EXERCISE INPUTS |
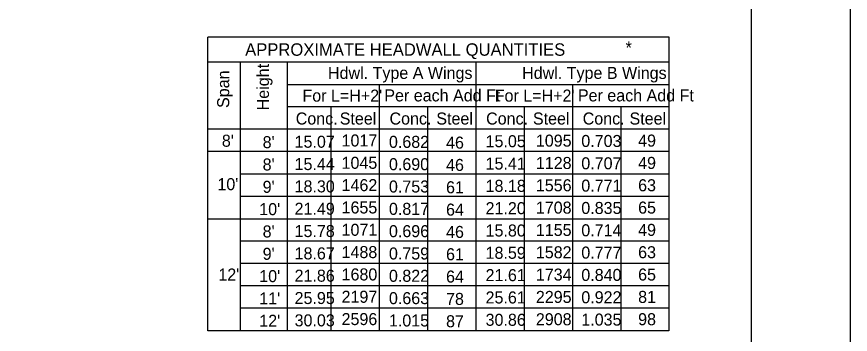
# Model space of a CAD drawing. Extents: x -0.08 to 2.83, y -0.03 to 1.92.
# Drawn here: x 1.959 to 2.833, y 0.859 to 1.192 of the extents above; entities that cross this region are included whole.
import ezdxf

# ---------------------------------------------------------------- set-up
doc = ezdxf.new("R2010")
doc.units = 0
for name, color, linetype in [('55', 7, 'Continuous'), ('57', 7, 'Continuous'), ('63', 7, 'Continuous')]:
    doc.layers.add(name, color=color, linetype=linetype)

msp = doc.modelspace()

# ---------------------------------------------------------------- linework, layer by layer
at = {"layer": '55'}
for p, q in [((2.15956, 0.86298), (2.15956, 1.17027)), ((2.64348, 1.17027), (2.15956, 1.17027)), ((2.64348, 0.86298), (2.64348, 1.17027)), ((2.64348, 1.14423), (2.15956, 1.14423)), ((2.19365, 0.86298), (2.19365, 1.14423)), ((2.24292, 0.86298), (2.24292, 1.14423)), ((2.44085, 0.86298), (2.44085, 1.14423)), ((2.64348, 1.1206), (2.24292, 1.1206)), ((2.33954, 0.86298), (2.33954, 1.1206)), ((2.54217, 0.86298), (2.54217, 1.1206)), ((2.64299, 1.09736), (2.24292, 1.09736)), ((2.28889, 0.86298), (2.28889, 1.09697)), ((2.3902, 0.86298), (2.3902, 1.09697)), ((2.49151, 0.86298), (2.49151, 1.09697)), ((2.59282, 0.86298), (2.59282, 1.09697)), ((2.64299, 1.07392), (2.15908, 1.07392)), ((2.64299, 1.05048), (2.15908, 1.05048)), ((2.64348, 1.02685), (2.19365, 1.02685)), ((2.64348, 1.00361), (2.19365, 1.00361)), ((2.15956, 0.97998), (2.64348, 0.97998)), ((2.64299, 0.95673), (2.19365, 0.95673)), ((2.64299, 0.93329), (2.19365, 0.93329)), ((2.64299, 0.90986), (2.19414, 0.90986)), ((2.64299, 0.88642), (2.19365, 0.88642)), ((2.64299, 0.86298), (2.15956, 0.86298))]:
    msp.add_line(p, q, dxfattribs=at)
at = {"layer": '63'}
msp.add_line((2.83333, 1.83333), (2.83333, 0), dxfattribs=at)
msp.add_lwpolyline([(0.16668, 0.06244), (0.16668, 1.77077), (2.72918, 1.77077), (2.72918, 0.10411), (2.56251, 0.10411), (2.56251, 0.14578), (2.07387, 0.14578), (2.07387, 0.06244)], close=True, dxfattribs=at)

# ---------------------------------------------------------------- texts
at = {"layer": '57'}
for s, height, p in [('APPROXIMATE HEADWALL QUANTITIES', 0.0130208, (2.19861, 1.1509)), ('*', 0.01302, (2.59754, 1.15285)), ('Hdwl. Type A Wings ', 0.0125875, (2.28549, 1.12666)), ('Hdwl. Type B Wings', 0.0125875, (2.48911, 1.12666)), ("For L=H+2'", 0.012588, (2.25869, 1.10288)), ('Per each Add Ft', 0.0125875, (2.34458, 1.1031)), ("For L=H+2'", 0.012588, (2.46037, 1.10288)), ('Per each Add Ft', 0.0125875, (2.54759, 1.1031)), ('Conc.', 0.012588, (2.25163, 1.07888)), ('Steel', 0.012588, (2.29779, 1.07888)), ('Conc.', 0.012588, (2.35001, 1.07888)), ('Conc.', 0.012588, (2.35001, 1.07888)), ('Steel', 0.012588, (2.39911, 1.07888)), ('Steel', 0.012588, (2.39911, 1.07888)), ('Conc.', 0.012588, (2.45132, 1.07888)), ('Conc.', 0.012588, (2.45132, 1.07888)), ('Steel', 0.012588, (2.50042, 1.07888)), ('Steel', 0.012588, (2.50042, 1.07888)), ('Conc.', 0.012588, (2.55263, 1.07888)), ('Conc.', 0.012588, (2.55263, 1.07888)), ('Steel', 0.012588, (2.60173, 1.07888)), ('Steel', 0.012588, (2.60173, 1.07888)), ("8'", 0.012588, (2.17417, 1.05561)), ("8'", 0.012588, (2.21695, 1.05412)), ('15.07', 0.012588, (2.25045, 1.05457)), ('1017', 0.012588, (2.29973, 1.05589)), ('0.682', 0.012588, (2.34942, 1.05444)), ('15.05', 0.012588, (2.45078, 1.05514)), ('1095', 0.012588, (2.50351, 1.05572)), ('0.703', 0.012588, (2.55118, 1.05536)), ('49', 0.012588, (2.61077, 1.05576)), ('46', 0.012588, (2.40931, 1.05364)), ("8'", 0.012588, (2.21695, 1.03074)), ('15.44', 0.012588, (2.25045, 1.03119)), ('1045', 0.012588, (2.29973, 1.03251)), ('0.690', 0.012588, (2.34942, 1.03106)), ('46', 0.012588, (2.40931, 1.03026)), ('15.41', 0.012588, (2.45078, 1.03176)), ('1128', 0.012588, (2.50351, 1.03234)), ('0.707', 0.012588, (2.55118, 1.03198)), ('49', 0.012588, (2.61077, 1.03238)), ("10'", 0.012588, (2.1695, 1.01013)), ("9'", 0.012588, (2.21695, 1.00736)), ('18.30', 0.012588, (2.25045, 1.00781)), ('1462', 0.012588, (2.29973, 1.00913)), ('0.753', 0.012588, (2.34942, 1.00768)), ('61', 0.012588, (2.40931, 1.00688)), ('18.18', 0.012588, (2.45078, 1.00838)), ('1556', 0.012588, (2.50351, 1.00896)), ('0.771', 0.012588, (2.55118, 1.0086)), ('63', 0.012588, (2.61077, 1.009)), ('21.49', 0.012588, (2.25045, 0.98443)), ('1655', 0.012588, (2.29973, 0.98575)), ('0.817', 0.012588, (2.34942, 0.9843)), ('21.20', 0.012588, (2.45078, 0.985)), ('1708', 0.012588, (2.50351, 0.98558)), ('0.835', 0.012588, (2.55118, 0.98522)), ('65', 0.012588, (2.61077, 0.98562)), ("10'", 0.012588, (2.21338, 0.98398)), ('64', 0.012588, (2.40931, 0.9835)), ("8'", 0.012588, (2.21695, 0.9606)), ('15.78', 0.012588, (2.25045, 0.96105)), ('1071', 0.012588, (2.29973, 0.96237)), ('0.696', 0.012588, (2.34942, 0.96092)), ('46', 0.012588, (2.40931, 0.96012)), ('15.80', 0.012588, (2.45078, 0.96162)), ('1155', 0.012588, (2.50351, 0.9622)), ('0.714', 0.012588, (2.55118, 0.96184)), ('49', 0.012588, (2.61077, 0.96224)), ("9'", 0.012588, (2.21695, 0.93722)), ('18.67', 0.012588, (2.25045, 0.93767)), ('1488', 0.012588, (2.29973, 0.93899)), ('0.759', 0.012588, (2.34942, 0.93754)), ('61', 0.012588, (2.40931, 0.93674)), ('18.59', 0.012588, (2.45078, 0.93824)), ('1582', 0.012588, (2.50351, 0.93882)), ('0.777', 0.012588, (2.55118, 0.93846)), ('63', 0.012588, (2.61077, 0.93886)), ("12'", 0.012588, (2.17049, 0.91553)), ('21.86', 0.012588, (2.25045, 0.91429)), ('1680', 0.012588, (2.29973, 0.91561)), ('0.822', 0.012588, (2.34942, 0.91416)), ('21.61', 0.012588, (2.45078, 0.91486)), ('1734', 0.012588, (2.50351, 0.91544)), ('0.840', 0.012588, (2.55118, 0.91508)), ('65', 0.012588, (2.61077, 0.91548)), ("10'", 0.012588, (2.21338, 0.91384)), ('64', 0.012588, (2.40931, 0.91336)), ("11'", 0.012588, (2.21338, 0.89046)), ('25.95', 0.012588, (2.25045, 0.89091)), ('2197', 0.012588, (2.29973, 0.89223)), ('0.663', 0.012588, (2.34942, 0.89078)), ('78', 0.012588, (2.40931, 0.88998)), ('25.61', 0.012588, (2.45078, 0.89148)), ('2295', 0.012588, (2.50351, 0.89206)), ('0.922', 0.012588, (2.55118, 0.8917)), ('81', 0.012588, (2.61077, 0.8921)), ("12'", 0.012588, (2.21338, 0.86708)), ('30.03', 0.012588, (2.25045, 0.86753)), ('2596', 0.012588, (2.29973, 0.86885)), ('1.015', 0.012588, (2.34942, 0.8674)), ('87', 0.012588, (2.40931, 0.8666)), ('30.86', 0.012588, (2.45078, 0.8681)), ('2908', 0.012588, (2.50351, 0.86868)), ('1.035', 0.012588, (2.55118, 0.86832)), ('98', 0.012588, (2.61077, 0.86872))]:
    msp.add_text(s, height=height, dxfattribs=at).set_placement(p)
for s, p in [('Height', (2.22356, 1.09371)), ('Span ', (2.18186, 1.09621))]:
    msp.add_text(s, height=0.012588, rotation=90, dxfattribs=at).set_placement(p)

doc.saveas('drawing.dxf')
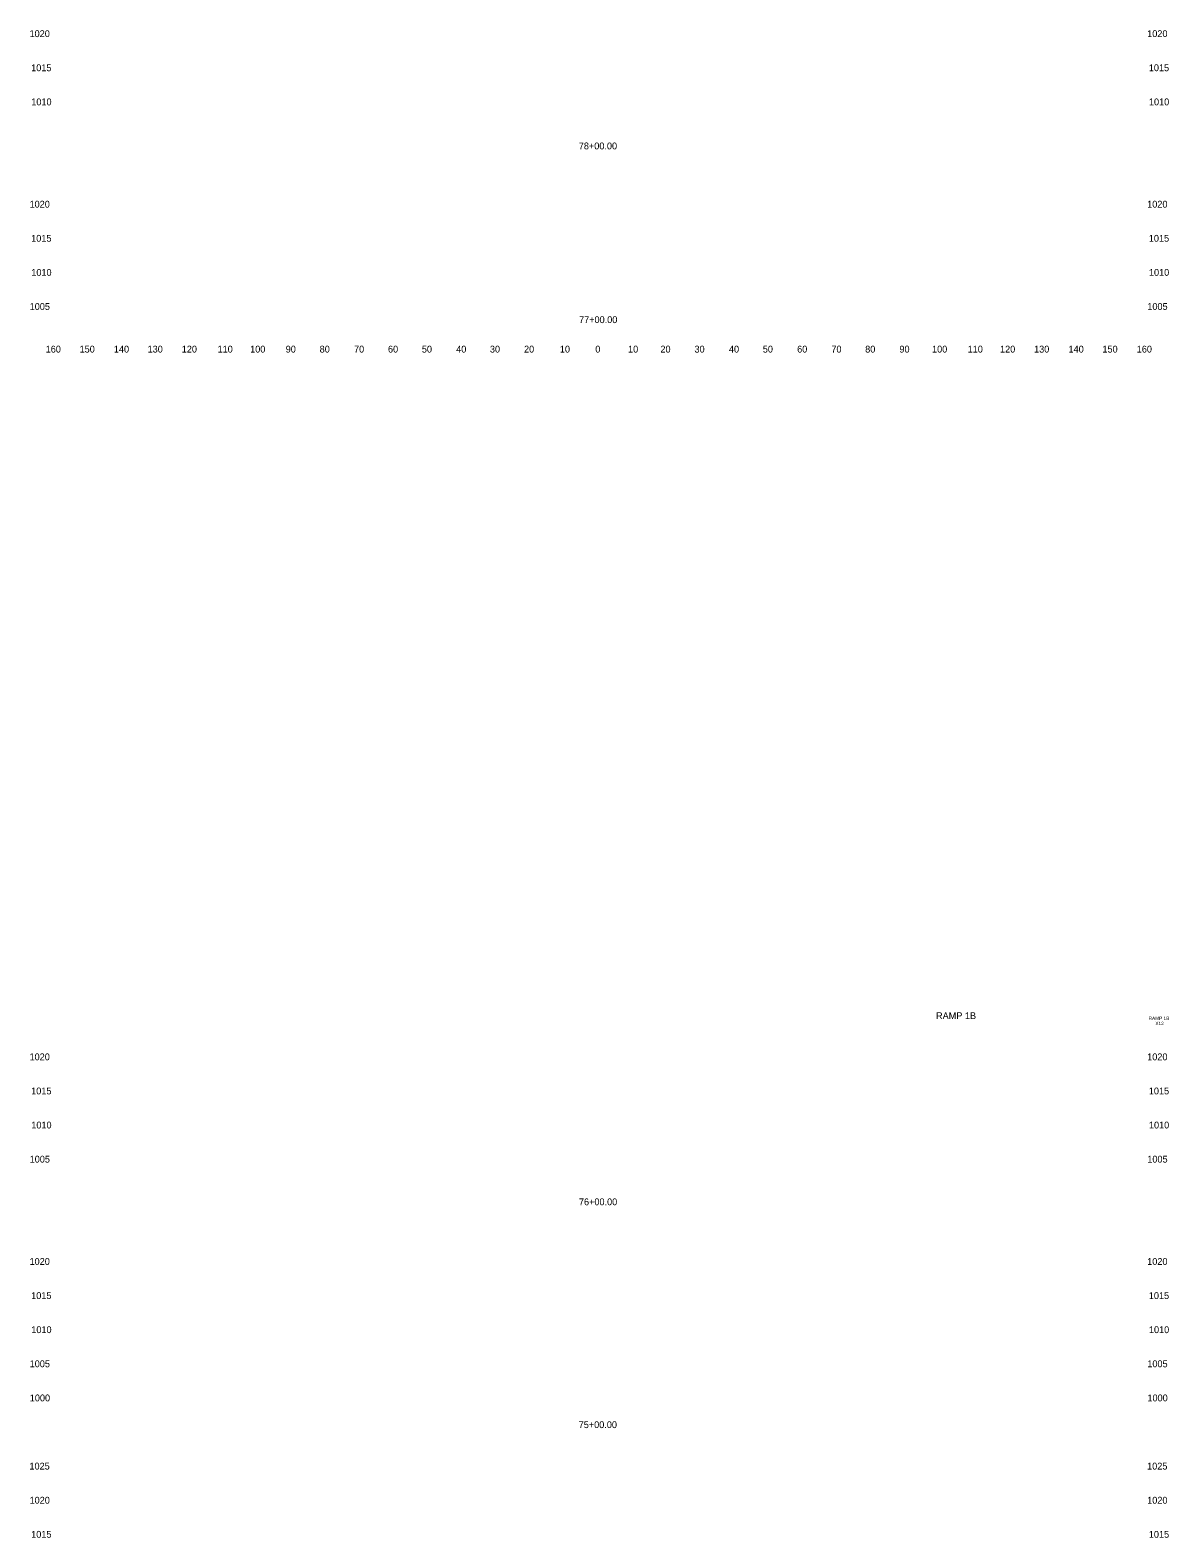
# Model space of a CAD drawing. Extents: x 4994 to 5843, y 4997 to 8804.
# Drawn here: x 5508.5 to 5842.5, y 5450 to 5892 of the extents above; entities that cross this region are included whole.
import ezdxf

# ---------------------------------------------------------------- set-up
doc = ezdxf.new("R2010")
doc.units = 0
for name, color, linetype in [('CLS_Search_Dist', 7, 'Continuous'), ('RD_XE_Ground', 7, 'Continuous'), ('UC_PD_Text', 7, 'Continuous')]:
    doc.layers.add(name, color=color, linetype=linetype)

msp = doc.modelspace()

# ---------------------------------------------------------------- texts
at = {"layer": 'CLS_Search_Dist'}
for s, p in [('1020', (5508.37, 5890)), ('1020', (5836.17, 5890)), ('1015', (5508.85, 5880)), ('1015', (5836.65, 5880)), ('1010', (5508.88, 5870)), ('1010', (5836.68, 5870)), ('1020', (5508.37, 5840)), ('1020', (5836.17, 5840)), ('1015', (5508.85, 5830)), ('1015', (5836.65, 5830)), ('1010', (5508.88, 5820)), ('1010', (5836.68, 5820)), ('1005', (5508.4, 5810)), ('1005', (5836.2, 5810)), ('160', (5513.1, 5797.5)), ('150', (5523.04, 5797.5)), ('140', (5533.1, 5797.5)), ('130', (5542.99, 5797.5)), ('120', (5553.01, 5797.5)), ('110', (5563.51, 5797.5)), ('100', (5573.07, 5797.5)), ('90', (5583.5, 5797.5)), ('80', (5593.46, 5797.5)), ('70', (5603.54, 5797.5)), ('60', (5613.5, 5797.5)), ('50', (5623.43, 5797.5)), ('40', (5633.5, 5797.5)), ('30', (5643.39, 5797.5)), ('20', (5653.4, 5797.5)), ('10', (5663.91, 5797.5)), ('0', (5674.3, 5797.5)), ('0', (5674.3, 5797.5)), ('10', (5683.91, 5797.5)), ('20', (5693.4, 5797.5)), ('30', (5703.39, 5797.5)), ('40', (5713.5, 5797.5)), ('50', (5723.43, 5797.5)), ('60', (5733.5, 5797.5)), ('70', (5743.54, 5797.5)), ('80', (5753.46, 5797.5)), ('90', (5763.5, 5797.5)), ('100', (5773.07, 5797.5)), ('110', (5783.51, 5797.5)), ('120', (5793.01, 5797.5)), ('130', (5802.99, 5797.5)), ('140', (5813.1, 5797.5)), ('150', (5823.04, 5797.5)), ('160', (5833.1, 5797.5)), ('1020', (5508.37, 5590)), ('1020', (5836.17, 5590)), ('1015', (5508.85, 5580)), ('1015', (5836.65, 5580)), ('1010', (5508.88, 5570)), ('1010', (5836.68, 5570)), ('1005', (5508.4, 5560)), ('1005', (5836.2, 5560)), ('1020', (5508.37, 5530)), ('1020', (5836.17, 5530)), ('1015', (5508.85, 5520)), ('1015', (5836.65, 5520)), ('1010', (5508.88, 5510)), ('1010', (5836.68, 5510)), ('1005', (5508.4, 5500)), ('1005', (5836.2, 5500)), ('1000', (5508.44, 5490)), ('1000', (5836.24, 5490)), ('1025', (5508.34, 5470)), ('1025', (5836.14, 5470)), ('1020', (5508.37, 5460)), ('1020', (5836.17, 5460)), ('1015', (5508.85, 5450)), ('1015', (5836.65, 5450))]:
    msp.add_text(s, height=2, dxfattribs=at).set_placement(p)
at = {"layer": 'RD_XE_Ground'}
for s, p in [('78+00.00', (5669.46, 5857.08)), ('77+00.00', (5669.54, 5806.14)), ('76+00.00', (5669.5, 5547.49)), ('75+00.00', (5669.43, 5482.15))]:
    msp.add_text(s, height=2, dxfattribs=at).set_placement(p)
at = {"layer": 'UC_PD_Text'}
for s, height, p in [('RAMP 1B', 2, (5774.24, 5602.06)), ('RAMP 1B', 1, (5836.59, 5601.8)), ('X12', 1, (5838.57, 5600.3))]:
    msp.add_text(s, height=height, dxfattribs=at).set_placement(p)

doc.saveas('drawing.dxf')

PROBLEM STATEMENT |
The lines needed are those in the data above that hold the string "cross"; copy each of them.

OUTPUT |
# Drawn here: x 1.959 to 2.833, y 0.859 to 1.192 of the extents above; entities that cross this region are included whole.
# Drawn here: x 5508.5 to 5842.5, y 5450 to 5892 of the extents above; entities that cross this region are included whole.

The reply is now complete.